Given records →
+ + + + + + +
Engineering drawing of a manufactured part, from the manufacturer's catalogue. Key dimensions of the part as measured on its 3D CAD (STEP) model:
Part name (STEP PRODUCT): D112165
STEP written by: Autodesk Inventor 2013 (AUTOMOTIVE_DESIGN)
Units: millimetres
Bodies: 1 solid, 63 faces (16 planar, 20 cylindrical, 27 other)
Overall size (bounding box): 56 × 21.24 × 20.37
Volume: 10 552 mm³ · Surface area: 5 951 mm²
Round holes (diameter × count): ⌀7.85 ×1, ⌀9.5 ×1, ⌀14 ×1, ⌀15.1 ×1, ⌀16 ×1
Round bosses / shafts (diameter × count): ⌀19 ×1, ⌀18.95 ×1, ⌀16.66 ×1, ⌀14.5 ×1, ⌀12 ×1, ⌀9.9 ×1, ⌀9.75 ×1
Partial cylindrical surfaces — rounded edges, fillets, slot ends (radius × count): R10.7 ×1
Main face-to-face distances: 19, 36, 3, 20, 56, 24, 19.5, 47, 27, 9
+ + + + + + +
Task statement → Type the entries out again so that they match exactly.

Result →
Engineering drawing of a manufactured part, from the manufacturer's catalogue. Key dimensions of the part as measured on its 3D CAD (STEP) model:
Part name (STEP PRODUCT): D112165
STEP written by: Autodesk Inventor 2013 (AUTOMOTIVE_DESIGN)
Units: millimetres
Bodies: 1 solid, 63 faces (16 planar, 20 cylindrical, 27 other)
Overall size (bounding box): 56 × 21.24 × 20.37
Volume: 10 552 mm³ · Surface area: 5 951 mm²
Round holes (diameter × count): ⌀7.85 ×1, ⌀9.5 ×1, ⌀14 ×1, ⌀15.1 ×1, ⌀16 ×1
Round bosses / shafts (diameter × count): ⌀19 ×1, ⌀18.95 ×1, ⌀16.66 ×1, ⌀14.5 ×1, ⌀12 ×1, ⌀9.9 ×1, ⌀9.75 ×1
Partial cylindrical surfaces — rounded edges, fillets, slot ends (radius × count): R10.7 ×1
Main face-to-face distances: 19, 36, 3, 20, 56, 24, 19.5, 47, 27, 9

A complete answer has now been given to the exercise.